In some arrangements, two sets of support elements may be provided : one to provide support of the coils assembly against gravity, and another set to provide deformation of the coil assembly. All of such support elements may be tensioned for shipping, with the second set of support elements being loosened on installation, so as to provide the required controlled deformation of the coils structure. The support elements provided for homogeneity adjustment may be arranged essentially radially, to facilitate deformation, while the support elements provided for support against gravity may be arranged essentially tangentially, for stability. In other arrangements, the coils assembly 110 may be split into a plurality of pieces, for example separate end coils and a central assembly including several coils, similar to the arrangement of Fig. 10. Each of these pieces may be separately suspended within the OVC, and adjustment of tension on support elements for each piece will enable different deformation to be applied to each piece, and a certain extent of relative motion may be achieved.

As well as adjusting the homogeneity of the magnetic field in the imaging region, motion and deformation of coils according to the present invention may serve to move the homogeneous region relative to the coil assembly by a certain extent.

Stiffeners may conventionally be added in to a serially-bonded coil assembly to reduce distortion of the coil assembly. According to some embodiments of this invention, those stiffeners could be removed, and a more flexible coil assembly may be provided, which may allow more significant deformation and a wider range of adjustment for improving homogeneity and other purposes according to the present invention.

Although the preceding description has made particular reference to coil structures 110 in which coils are bonded together by joining structures 120 in a self-supporting "serially bonded" arrangement, the present invention may also be applied to coil structures which are assembled onto a former, provided that the former is flexible to a certain extent. Such formers include turned aluminium formers, and formers constructed of folded sheet material such as aluminium.
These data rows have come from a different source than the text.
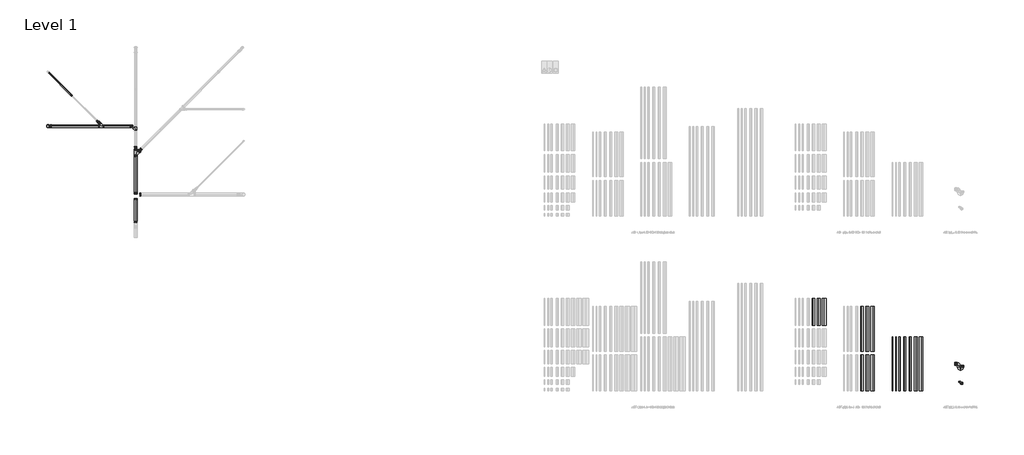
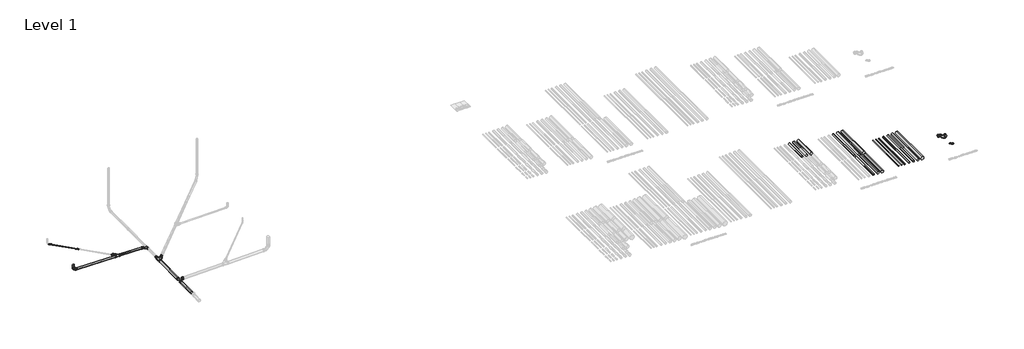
# One storey, part 4 of 13: 54 pipe fittings, 22 pipe segments.
"""IFC4 building model written with IfcOpenShell, lengths in millimetres."""

from ifc_helpers import new_model, si_unit, point, frame, frame_2d, origin, place, context, project, spatial, circle_curve, trimmed, segment, composite_curve, outline, extrude, transform, mapped, element, save
from components import pipe_fitting_1_4301_12527d9e, pipe_fitting_1_4301_4e6f8dee, pipe_fitting_1_4404_370fba09, pipe_fitting_1_4404_e5c46f2f, pipe_fitting_1_4404_a0c9185b, pipe_fitting_1_4404_a6cf7bca, pipe_fitting_1_4404_189c9de8, std_4da191fa, std_1d744fe9, std_806a320d, std_74d0a7f9, std_nested_af07ce19, std_nested_072c2150, std_nested_7f6e179d, std_nested_70f44cd0, std_nested_4988e8d9, std_nested_0eafc151, std_nested_cbfc2923, std_nested_0749ac55, std_nested_b7669297, std_nested_c6c84c1b, std_nested_25d1e1bf, std_nested_4f3602ba, std_nested_4a7fe435, std_nested_083b6aa0, std_nested_beb749c0, std_nested_902816f2, std_nested_fe5946f3

model = new_model("IFC4")

# Units and contexts
model_context = context("Model", 3, world=origin())
ifc_project = project(units=[si_unit("LENGTHUNIT", "METRE", prefix="MILLI")], contexts=[model_context])

# Site, building, storey
site = spatial("IfcSite", under=ifc_project)
building = spatial("IfcBuilding", under=site)
storey = spatial("IfcBuildingStorey", under=building, Name="Level 1", Elevation=0.0)

# Pipe fittings
placement = place(None, origin())
pipe_fitting_1_4301_shape = pipe_fitting_1_4301_12527d9e(model_context)
element("IfcPipeFitting", 1, ObjectType="PIF_ST_UN_ACO pipe p-trap_ACO : 1.4404", at=placement, inside=storey, context=model_context, shape_type="MappedRepresentation", body=[
    mapped(pipe_fitting_1_4301_shape, transform((21621.7461061, -9269.2114353, 0.0), x_axis=(1.0, 0.0, 0.0), y_axis=(0.0, 1.0, 0.0), z_axis=(0.0, 0.0, 1.0))),
])
pipe_fitting_1_4301_2_shape = pipe_fitting_1_4301_4e6f8dee(model_context)
element("IfcPipeFitting", 2, ObjectType="PIF_ST_UN_ACO pipe p-trap_ACO : 1.4404", at=placement, inside=storey, context=model_context, shape_type="MappedRepresentation", body=[
    mapped(pipe_fitting_1_4301_2_shape, transform((21621.7461061, -8269.2114353, 0.0), x_axis=(1.0, 0.0, 0.0), y_axis=(0.0, 1.0, 0.0), z_axis=(0.0, 0.0, 1.0))),
])
pipe_fitting_1_4404_shape = pipe_fitting_1_4404_370fba09(model_context)
element("IfcPipeFitting", 3, ObjectType="PIF_ST_UN_ACO pipe multibranch_ACO : 1.4404", at=placement, inside=storey, context=model_context, shape_type="MappedRepresentation", body=[
    mapped(pipe_fitting_1_4404_shape, transform((-24468.5517039, 4800.4745753, 67.8094351), x_axis=(0.0, 0.9999613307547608, 0.008794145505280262), y_axis=(-0.9998875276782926, -0.00013189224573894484, 0.014997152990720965), z_axis=(0.014997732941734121, -0.008793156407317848, 0.999848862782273))),
])
pipe_fitting_1_4404_2_shape = pipe_fitting_1_4404_e5c46f2f(model_context)
element("IfcPipeFitting", 4, ObjectType="PIF_ST_UN_ACO pipe double bend_ACO : 1.4404", at=placement, inside=storey, context=model_context, shape_type="MappedRepresentation", body=[
    mapped(pipe_fitting_1_4404_2_shape, transform((-29368.5517039, 4998.4437608, 143.0504722), x_axis=(0.0, 0.0, -1.0), y_axis=(1.0, 0.0, 0.0), z_axis=(0.0, -1.0, 0.0))),
])
pipe_fitting_1_4404_3_shape = pipe_fitting_1_4404_a0c9185b(model_context)
element("IfcPipeFitting", 5, ObjectType="PIF_ST_UN_ACO pipe multibranch_ACO : 1.4404", at=placement, inside=storey, context=model_context, shape_type="MappedRepresentation", body=[
    mapped(pipe_fitting_1_4404_3_shape, transform((-24468.5517039, 3423.4023035, 55.6987928), x_axis=(0.0, 0.9999613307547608, 0.008794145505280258), y_axis=(0.9999229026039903, -0.000109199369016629, 0.012416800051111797), z_axis=(0.01241728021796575, 0.008793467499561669, -0.999884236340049))),
])
element("IfcPipeFitting", 6, ObjectType="PIF_ST_UN_ACO pipe multibranch_ACO : 1.4404", at=placement, inside=storey, context=model_context, shape_type="MappedRepresentation", body=[
    mapped(pipe_fitting_1_4404_shape, transform((-26321.0506477, 4998.4437608, 97.3379564), x_axis=(-0.9998875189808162, 0.0, 0.014998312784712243), y_axis=(9.3175288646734e-05, 0.999980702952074, 0.006211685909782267), z_axis=(-0.014998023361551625, 0.0062123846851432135, -0.9998682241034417))),
])
pipe_fitting_1_4404_4_shape = pipe_fitting_1_4404_a6cf7bca(model_context)
element("IfcPipeFitting", 7, ObjectType="PIF_ST_UN_ACO pipe straight coupling_ACO : 1.4404", at=placement, inside=storey, context=model_context, shape_type="MappedRepresentation", body=[
    mapped(pipe_fitting_1_4404_4_shape, transform((-28056.0900887, 6733.2635608, 109.1390415), x_axis=(0.7070272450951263, -0.7070272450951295, -0.01499831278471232), y_axis=(0.014998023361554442, -0.006212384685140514, 0.9998682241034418), z_axis=(-0.7070272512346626, -0.7071590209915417, 0.0062116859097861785))),
])
pipe_fitting_1_4404_5_shape = pipe_fitting_1_4404_189c9de8(model_context)
element("IfcPipeFitting", 8, ObjectType="PIF_ST_UN_ACO pipe multireducer_ACO : 1.4404", at=placement, inside=storey, context=model_context, shape_type="MappedRepresentation", body=[
    mapped(pipe_fitting_1_4404_5_shape, transform((-24468.5517039, 3716.3909734, 58.2754775), x_axis=(0.0, 0.9999613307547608, 0.008794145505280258), y_axis=(-0.9999229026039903, 0.00010919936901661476, -0.01241680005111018), z_axis=(-0.012417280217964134, -0.008793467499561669, 0.999884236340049))),
])
std_shape = std_4da191fa(model_context)
element("IfcPipeFitting", 9, ObjectType="ZZZ_do not use_PIF_ST_UN_ACO pipe increaser coupling_ACO : std", at=placement, inside=storey, context=model_context, shape_type="MappedRepresentation", body=[
    mapped(std_shape, transform((-26485.4344822, 5162.8275953, 100.8250641), x_axis=(-0.7070272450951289, 0.7070272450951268, 0.01499831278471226), y_axis=(0.7070272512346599, 0.7071590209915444, -0.0062116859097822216), z_axis=(-0.014998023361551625, 0.0062123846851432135, -0.9998682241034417))),
])
std_2_shape = std_1d744fe9(model_context)
element("IfcPipeFitting", 10, ObjectType="ZZZ_do not use_PIF_ST_UN_ACO pipe increaser coupling_ACO : std", at=placement, inside=storey, context=model_context, shape_type="MappedRepresentation", body=[
    mapped(std_2_shape, transform((-26568.5101835, 5245.9032966, 102.5873658), x_axis=(-0.7070272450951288, 0.7070272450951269, 0.01499831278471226), y_axis=(0.70702725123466, 0.7071590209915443, -0.006211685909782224), z_axis=(-0.014998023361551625, 0.0062123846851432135, -0.9998682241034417))),
])
std_3_shape = std_806a320d(model_context)
element("IfcPipeFitting", 11, ObjectType="ZZZ_do not use_PIF_ST_UN_ACO pipe increaser coupling_ACO : std", at=placement, inside=storey, context=model_context, shape_type="MappedRepresentation", body=[
    mapped(std_3_shape, transform((-24255.0294758, 3636.9245315, 60.2282833), x_axis=(0.7070272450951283, 0.7070272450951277, 0.014998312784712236), y_axis=(0.7070772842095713, -0.7071316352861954, 0.0025621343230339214), z_axis=(0.012417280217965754, 0.00879346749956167, -0.9998842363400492))),
])
std_4_shape = std_74d0a7f9(model_context)
element("IfcPipeFitting", 12, ObjectType="ZZZ_do not use_PIF_ST_UN_ACO pipe increaser coupling_ACO : std", at=placement, inside=storey, context=model_context, shape_type="MappedRepresentation", body=[
    mapped(std_4_shape, transform((-24468.5517039, 3716.3909734, 58.2754775), x_axis=(0.0, 0.9999613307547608, 0.008794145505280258), y_axis=(-0.9999229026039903, 0.00010919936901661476, -0.01241680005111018), z_axis=(-0.012417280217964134, -0.008793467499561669, 0.999884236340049))),
])
std_nested_shape = std_nested_af07ce19(model_context)
element("IfcPipeFitting", 13, ObjectType="ZZZ_do not use_PIF_ST_UN_ACO pipe socket_ACO : std (nested)", at=placement, inside=storey, context=model_context, shape_type="MappedRepresentation", body=[
    mapped(std_nested_shape, transform((-26529.623685, 5207.0167981, 101.7624586), x_axis=(-0.7070272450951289, 0.7070272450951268, 0.01499831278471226), y_axis=(0.7070272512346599, 0.7071590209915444, -0.006211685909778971), z_axis=(-0.014998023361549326, 0.006212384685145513, -0.9998682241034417))),
])
std_nested_2_shape = std_nested_072c2150(model_context)
element("IfcPipeFitting", 14, ObjectType="ZZZ_do not use_PIF_ST_UN_ACO pipe socket_ACO : std (nested)", at=placement, inside=storey, context=model_context, shape_type="MappedRepresentation", body=[
    mapped(std_nested_2_shape, transform((21621.7461061, -9350.2114353, 0.0), x_axis=(0.0, 1.0, 0.0), y_axis=(1.0, 0.0, 0.0), z_axis=(0.0, 0.0, -1.0))),
])
element("IfcPipeFitting", 15, ObjectType="ZZZ_do not use_PIF_ST_UN_ACO pipe socket_ACO : std (nested)", at=placement, inside=storey, context=model_context, shape_type="MappedRepresentation", body=[
    mapped(std_nested_2_shape, transform((-26607.7716326, 5284.9451047, 78.4155674), x_axis=(-0.7070272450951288, 0.7070272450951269, 0.01499831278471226), y_axis=(0.70702725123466, 0.7071590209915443, -0.006211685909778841), z_axis=(-0.014998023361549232, 0.0062123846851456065, -0.9998682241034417))),
])
element("IfcPipeFitting", 16, ObjectType="ZZZ_do not use_PIF_ST_UN_ACO pipe socket_ACO : std (nested)", at=placement, inside=storey, context=model_context, shape_type="MappedRepresentation", body=[
    mapped(std_nested_2_shape, transform((-28051.4237088, 6728.5971809, 109.0400526), x_axis=(0.7070272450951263, -0.7070272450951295, -0.01499831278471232), y_axis=(-0.014998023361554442, 0.006212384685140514, -0.9998682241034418), z_axis=(0.7070272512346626, 0.7071590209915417, -0.0062116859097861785))),
])
element("IfcPipeFitting", 17, ObjectType="ZZZ_do not use_PIF_ST_UN_ACO pipe socket_ACO : std (nested)", at=placement, inside=storey, context=model_context, shape_type="MappedRepresentation", body=[
    mapped(std_nested_2_shape, transform((-28060.7564685, 6737.9299406, 109.2380304), x_axis=(-0.7070272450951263, 0.7070272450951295, 0.01499831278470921), y_axis=(0.014998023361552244, -0.006212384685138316, 0.9998682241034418), z_axis=(0.7070272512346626, 0.7071590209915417, -0.0062116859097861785))),
])
std_nested_3_shape = std_nested_7f6e179d(model_context)
element("IfcPipeFitting", 18, ObjectType="ZZZ_do not use_PIF_ST_UN_ACO pipe socket_ACO : std (nested)", at=placement, inside=storey, context=model_context, shape_type="MappedRepresentation", body=[
    mapped(std_nested_3_shape, transform((21434.7461061, -9269.2114353, 0.0), x_axis=(-1.0, 0.0, 0.0), y_axis=(0.0, 1.0, 0.0), z_axis=(0.0, 0.0, -1.0))),
])
element("IfcPipeFitting", 19, ObjectType="ZZZ_do not use_PIF_ST_UN_ACO pipe socket_ACO : std (nested)", at=placement, inside=storey, context=model_context, shape_type="MappedRepresentation", body=[
    mapped(std_nested_3_shape, transform((-29282.1495171, 7959.3229892, 135.1476896), x_axis=(0.7070272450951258, -0.70702724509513, -0.014998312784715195), y_axis=(0.010605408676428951, -0.010605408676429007, 0.9998875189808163), z_axis=(-0.7071067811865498, -0.7071067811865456, 0.0))),
])
std_nested_4_shape = std_nested_70f44cd0(model_context)
element("IfcPipeFitting", 20, ObjectType="ZZZ_do not use_PIF_ST_UN_ACO pipe socket_ACO : std (nested)", at=placement, inside=storey, context=model_context, shape_type="MappedRepresentation", body=[
    mapped(std_nested_4_shape, transform((21217.7461061, -8269.2114353, 0.0), x_axis=(-1.0, 0.0, 0.0), y_axis=(0.0, 1.0, 0.0), z_axis=(0.0, 0.0, -1.0))),
])
std_nested_5_shape = std_nested_4988e8d9(model_context)
element("IfcPipeFitting", 21, ObjectType="ZZZ_do not use_PIF_ST_UN_ACO pipe socket_ACO : std (nested)", at=placement, inside=storey, context=model_context, shape_type="MappedRepresentation", body=[
    mapped(std_nested_5_shape, transform((21621.7461061, -8426.2114353, 0.0), x_axis=(0.0, 1.0, 0.0), y_axis=(1.0, 0.0, 0.0), z_axis=(0.0, 0.0, -1.0))),
])
std_nested_6_shape = std_nested_0eafc151(model_context)
element("IfcPipeFitting", 22, ObjectType="ZZZ_do not use_PIF_ST_UN_ACO pipe socket_ACO : std (nested)", at=placement, inside=storey, context=model_context, shape_type="MappedRepresentation", body=[
    mapped(std_nested_6_shape, transform((-26491.0315259, 4998.4437608, 99.8876695), x_axis=(-0.9998875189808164, 0.0, 0.014998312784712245), y_axis=(9.3175288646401e-05, 0.9999807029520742, 0.006211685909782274), z_axis=(-0.014998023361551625, 0.0062123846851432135, -0.9998682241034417))),
])
element("IfcPipeFitting", 23, ObjectType="ZZZ_do not use_PIF_ST_UN_ACO pipe socket_ACO : std (nested)", at=placement, inside=storey, context=model_context, shape_type="MappedRepresentation", body=[
    mapped(std_nested_6_shape, transform((-26441.2452794, 5118.6383924, 99.8876695), x_axis=(-0.7070272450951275, 0.7070272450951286, 0.014998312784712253), y_axis=(0.7070272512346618, 0.707159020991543, -0.006211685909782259), z_axis=(-0.014998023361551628, 0.006212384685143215, -0.9998682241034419))),
])
element("IfcPipeFitting", 24, ObjectType="ZZZ_do not use_PIF_ST_UN_ACO pipe socket_ACO : std (nested)", at=placement, inside=storey, context=model_context, shape_type="MappedRepresentation", body=[
    mapped(std_nested_6_shape, transform((-24716.500654, 4998.4437625, 73.2697065), x_axis=(-0.9998875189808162, 0.0, 0.014998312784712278), y_axis=(-0.000131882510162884, -0.9999613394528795, -0.00879216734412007), z_axis=(0.014997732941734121, -0.008793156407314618, 0.999848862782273))),
])
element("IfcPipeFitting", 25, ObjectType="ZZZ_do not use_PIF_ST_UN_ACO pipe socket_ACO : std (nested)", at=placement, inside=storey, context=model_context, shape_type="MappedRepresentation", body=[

Although the examples described above relate to adjustment of homogeneity in an imaging region of a solenoidal magnet, the present invention may be applied to non-solenoidal magnets, such as the well-known open C-shaped magnets. The invention provides adjustment of tension in support elements to cause deformation of superconducting magnet coils, thereby controlling the homogeneity of a generated magnetic field within an imaging region. The present invention accordingly provides methods and apparatus for improving the homogeneity of a magnetic field of a superconducting magnet within an imaging region by adjusting the tension in support elements, in turn causing controlled deformation of magnet coils of the superconducting magnet. Distortion of magnet coils caused by tension in suspension elements is modified by adjusting tension in the suspension tension elements, to optimise the magnetic field homogeneity in the imaging region. While described in terms of superconducting magnets, the methods and structures of the present invention may also be applied to resistive electromagnets used for imaging.